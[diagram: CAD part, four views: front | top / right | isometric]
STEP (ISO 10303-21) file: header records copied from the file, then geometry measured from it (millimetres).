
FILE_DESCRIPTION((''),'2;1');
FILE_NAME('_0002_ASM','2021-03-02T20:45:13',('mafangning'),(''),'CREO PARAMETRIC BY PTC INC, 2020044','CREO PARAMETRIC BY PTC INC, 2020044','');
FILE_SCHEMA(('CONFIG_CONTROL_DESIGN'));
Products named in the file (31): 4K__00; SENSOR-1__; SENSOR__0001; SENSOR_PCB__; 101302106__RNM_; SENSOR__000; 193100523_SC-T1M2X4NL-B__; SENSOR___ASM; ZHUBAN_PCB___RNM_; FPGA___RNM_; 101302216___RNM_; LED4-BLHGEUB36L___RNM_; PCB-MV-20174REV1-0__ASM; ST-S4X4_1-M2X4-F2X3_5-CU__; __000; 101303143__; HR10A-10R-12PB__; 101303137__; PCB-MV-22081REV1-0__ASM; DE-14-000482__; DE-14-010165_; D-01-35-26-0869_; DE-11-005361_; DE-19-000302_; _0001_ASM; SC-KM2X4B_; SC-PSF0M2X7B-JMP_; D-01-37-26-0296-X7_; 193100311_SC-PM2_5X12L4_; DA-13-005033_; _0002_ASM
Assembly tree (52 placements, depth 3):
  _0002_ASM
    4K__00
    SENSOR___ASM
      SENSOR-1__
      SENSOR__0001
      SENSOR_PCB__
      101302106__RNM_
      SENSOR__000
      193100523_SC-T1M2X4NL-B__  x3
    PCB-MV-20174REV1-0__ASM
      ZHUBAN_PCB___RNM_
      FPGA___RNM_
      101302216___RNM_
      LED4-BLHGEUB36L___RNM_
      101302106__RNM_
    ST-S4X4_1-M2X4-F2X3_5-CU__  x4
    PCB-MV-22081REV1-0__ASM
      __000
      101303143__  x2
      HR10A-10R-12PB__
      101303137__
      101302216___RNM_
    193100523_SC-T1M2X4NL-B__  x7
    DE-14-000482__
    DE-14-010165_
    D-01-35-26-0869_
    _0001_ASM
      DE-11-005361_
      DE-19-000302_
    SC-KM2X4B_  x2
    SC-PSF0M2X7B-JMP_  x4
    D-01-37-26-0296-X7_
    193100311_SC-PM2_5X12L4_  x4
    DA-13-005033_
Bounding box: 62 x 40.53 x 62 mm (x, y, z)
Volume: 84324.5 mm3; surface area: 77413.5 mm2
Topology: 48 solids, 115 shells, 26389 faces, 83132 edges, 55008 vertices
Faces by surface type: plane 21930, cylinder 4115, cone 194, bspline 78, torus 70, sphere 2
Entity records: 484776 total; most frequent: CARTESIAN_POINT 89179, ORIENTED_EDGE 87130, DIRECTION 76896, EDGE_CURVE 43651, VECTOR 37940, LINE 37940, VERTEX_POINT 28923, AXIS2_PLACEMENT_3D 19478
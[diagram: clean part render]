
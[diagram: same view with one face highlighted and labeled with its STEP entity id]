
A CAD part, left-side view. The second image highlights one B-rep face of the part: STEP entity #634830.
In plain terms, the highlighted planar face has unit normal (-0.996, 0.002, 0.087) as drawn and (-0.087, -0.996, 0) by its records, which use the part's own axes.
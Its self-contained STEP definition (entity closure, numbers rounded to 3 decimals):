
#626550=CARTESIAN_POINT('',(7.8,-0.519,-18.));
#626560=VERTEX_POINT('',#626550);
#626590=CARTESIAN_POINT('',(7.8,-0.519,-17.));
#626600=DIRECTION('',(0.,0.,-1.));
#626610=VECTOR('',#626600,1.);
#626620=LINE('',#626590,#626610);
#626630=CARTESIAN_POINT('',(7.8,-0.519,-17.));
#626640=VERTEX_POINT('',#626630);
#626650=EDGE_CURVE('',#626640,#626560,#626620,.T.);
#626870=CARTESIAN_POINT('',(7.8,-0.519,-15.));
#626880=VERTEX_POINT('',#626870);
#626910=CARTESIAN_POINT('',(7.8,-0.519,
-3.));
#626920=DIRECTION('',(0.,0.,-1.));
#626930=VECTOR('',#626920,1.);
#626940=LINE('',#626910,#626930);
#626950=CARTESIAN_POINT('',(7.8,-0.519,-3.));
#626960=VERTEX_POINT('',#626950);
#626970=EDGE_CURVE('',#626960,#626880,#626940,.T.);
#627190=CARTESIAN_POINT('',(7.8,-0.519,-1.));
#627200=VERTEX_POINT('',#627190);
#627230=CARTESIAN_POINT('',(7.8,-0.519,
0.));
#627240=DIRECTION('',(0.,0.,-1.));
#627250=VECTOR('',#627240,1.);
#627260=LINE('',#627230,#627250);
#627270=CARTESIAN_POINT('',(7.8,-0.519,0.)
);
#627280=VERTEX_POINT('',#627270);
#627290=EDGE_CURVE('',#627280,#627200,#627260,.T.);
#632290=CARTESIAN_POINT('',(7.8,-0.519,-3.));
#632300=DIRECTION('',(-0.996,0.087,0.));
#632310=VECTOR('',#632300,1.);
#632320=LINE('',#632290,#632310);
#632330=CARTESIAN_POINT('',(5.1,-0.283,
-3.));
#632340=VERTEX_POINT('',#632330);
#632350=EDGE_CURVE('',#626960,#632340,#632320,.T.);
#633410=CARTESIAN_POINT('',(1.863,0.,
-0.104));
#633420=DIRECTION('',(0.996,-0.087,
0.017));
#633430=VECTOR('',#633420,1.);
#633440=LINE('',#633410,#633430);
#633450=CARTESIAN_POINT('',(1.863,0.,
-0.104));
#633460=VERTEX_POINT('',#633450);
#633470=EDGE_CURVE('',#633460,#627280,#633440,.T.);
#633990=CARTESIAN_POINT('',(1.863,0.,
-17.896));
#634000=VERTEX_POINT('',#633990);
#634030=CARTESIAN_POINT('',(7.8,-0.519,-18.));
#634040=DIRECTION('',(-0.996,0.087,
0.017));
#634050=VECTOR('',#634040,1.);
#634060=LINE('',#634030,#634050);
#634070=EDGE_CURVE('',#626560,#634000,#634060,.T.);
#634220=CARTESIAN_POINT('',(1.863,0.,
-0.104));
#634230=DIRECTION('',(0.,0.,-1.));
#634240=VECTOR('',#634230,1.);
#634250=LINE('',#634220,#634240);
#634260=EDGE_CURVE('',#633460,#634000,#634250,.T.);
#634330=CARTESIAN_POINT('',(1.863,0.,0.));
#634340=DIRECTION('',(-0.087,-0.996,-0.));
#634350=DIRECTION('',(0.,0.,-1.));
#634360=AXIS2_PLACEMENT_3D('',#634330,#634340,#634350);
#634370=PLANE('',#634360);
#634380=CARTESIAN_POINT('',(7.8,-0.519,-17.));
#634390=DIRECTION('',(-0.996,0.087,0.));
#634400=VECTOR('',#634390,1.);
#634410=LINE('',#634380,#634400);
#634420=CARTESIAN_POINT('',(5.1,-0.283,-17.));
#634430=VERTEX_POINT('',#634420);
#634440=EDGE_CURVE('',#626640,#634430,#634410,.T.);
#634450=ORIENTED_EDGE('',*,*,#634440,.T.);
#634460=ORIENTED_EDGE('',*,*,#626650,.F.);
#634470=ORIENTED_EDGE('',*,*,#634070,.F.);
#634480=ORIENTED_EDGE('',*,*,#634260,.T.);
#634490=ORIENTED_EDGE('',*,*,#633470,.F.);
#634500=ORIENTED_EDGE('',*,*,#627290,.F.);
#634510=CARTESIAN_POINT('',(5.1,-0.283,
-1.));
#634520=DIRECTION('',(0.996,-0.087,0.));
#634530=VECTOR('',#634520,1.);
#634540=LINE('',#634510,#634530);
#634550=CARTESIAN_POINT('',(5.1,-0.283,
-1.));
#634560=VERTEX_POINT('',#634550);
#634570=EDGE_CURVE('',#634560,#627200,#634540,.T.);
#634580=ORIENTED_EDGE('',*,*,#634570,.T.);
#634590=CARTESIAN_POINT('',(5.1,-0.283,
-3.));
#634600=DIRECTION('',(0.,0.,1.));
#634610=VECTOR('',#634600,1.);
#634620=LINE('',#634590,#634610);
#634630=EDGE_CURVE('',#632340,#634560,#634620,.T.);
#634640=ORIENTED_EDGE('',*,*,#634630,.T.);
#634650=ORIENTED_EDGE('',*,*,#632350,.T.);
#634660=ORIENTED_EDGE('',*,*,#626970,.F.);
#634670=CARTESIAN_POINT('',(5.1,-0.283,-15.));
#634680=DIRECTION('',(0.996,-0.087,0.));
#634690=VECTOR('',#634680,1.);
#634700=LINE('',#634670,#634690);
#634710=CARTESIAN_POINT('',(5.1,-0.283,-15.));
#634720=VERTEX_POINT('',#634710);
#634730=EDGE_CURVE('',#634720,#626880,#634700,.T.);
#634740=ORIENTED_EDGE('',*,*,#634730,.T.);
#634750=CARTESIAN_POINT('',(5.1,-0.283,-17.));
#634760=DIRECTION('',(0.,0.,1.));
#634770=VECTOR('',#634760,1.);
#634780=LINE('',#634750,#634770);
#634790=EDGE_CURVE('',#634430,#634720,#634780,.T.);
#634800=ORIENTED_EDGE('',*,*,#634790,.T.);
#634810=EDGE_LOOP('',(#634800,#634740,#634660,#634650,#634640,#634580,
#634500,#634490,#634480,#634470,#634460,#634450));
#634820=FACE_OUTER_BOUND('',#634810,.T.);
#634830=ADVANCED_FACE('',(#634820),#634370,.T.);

* * *

• _Task to complete_
Only exact copies of the lines from the one containing "#634520=DIRECTION('',(0.996,-0.087,0.));" to the end of the records belong in the answer.

• _Answer section_
#634520=DIRECTION('',(0.996,-0.087,0.));
#634530=VECTOR('',#634520,1.);
#634540=LINE('',#634510,#634530);
#634550=CARTESIAN_POINT('',(5.1,-0.283,
-1.));
#634560=VERTEX_POINT('',#634550);
#634570=EDGE_CURVE('',#634560,#627200,#634540,.T.);
#634580=ORIENTED_EDGE('',*,*,#634570,.T.);
#634590=CARTESIAN_POINT('',(5.1,-0.283,
-3.));
#634600=DIRECTION('',(0.,0.,1.));
#634610=VECTOR('',#634600,1.);
#634620=LINE('',#634590,#634610);
#634630=EDGE_CURVE('',#632340,#634560,#634620,.T.);
#634640=ORIENTED_EDGE('',*,*,#634630,.T.);
#634650=ORIENTED_EDGE('',*,*,#632350,.T.);
#634660=ORIENTED_EDGE('',*,*,#626970,.F.);
#634670=CARTESIAN_POINT('',(5.1,-0.283,-15.));
#634680=DIRECTION('',(0.996,-0.087,0.));
#634690=VECTOR('',#634680,1.);
#634700=LINE('',#634670,#634690);
#634710=CARTESIAN_POINT('',(5.1,-0.283,-15.));
#634720=VERTEX_POINT('',#634710);
#634730=EDGE_CURVE('',#634720,#626880,#634700,.T.);
#634740=ORIENTED_EDGE('',*,*,#634730,.T.);
#634750=CARTESIAN_POINT('',(5.1,-0.283,-17.));
#634760=DIRECTION('',(0.,0.,1.));
#634770=VECTOR('',#634760,1.);
#634780=LINE('',#634750,#634770);
#634790=EDGE_CURVE('',#634430,#634720,#634780,.T.);
#634800=ORIENTED_EDGE('',*,*,#634790,.T.);
#634810=EDGE_LOOP('',(#634800,#634740,#634660,#634650,#634640,#634580,
#634500,#634490,#634480,#634470,#634460,#634450));
#634820=FACE_OUTER_BOUND('',#634810,.T.);
#634830=ADVANCED_FACE('',(#634820),#634370,.T.);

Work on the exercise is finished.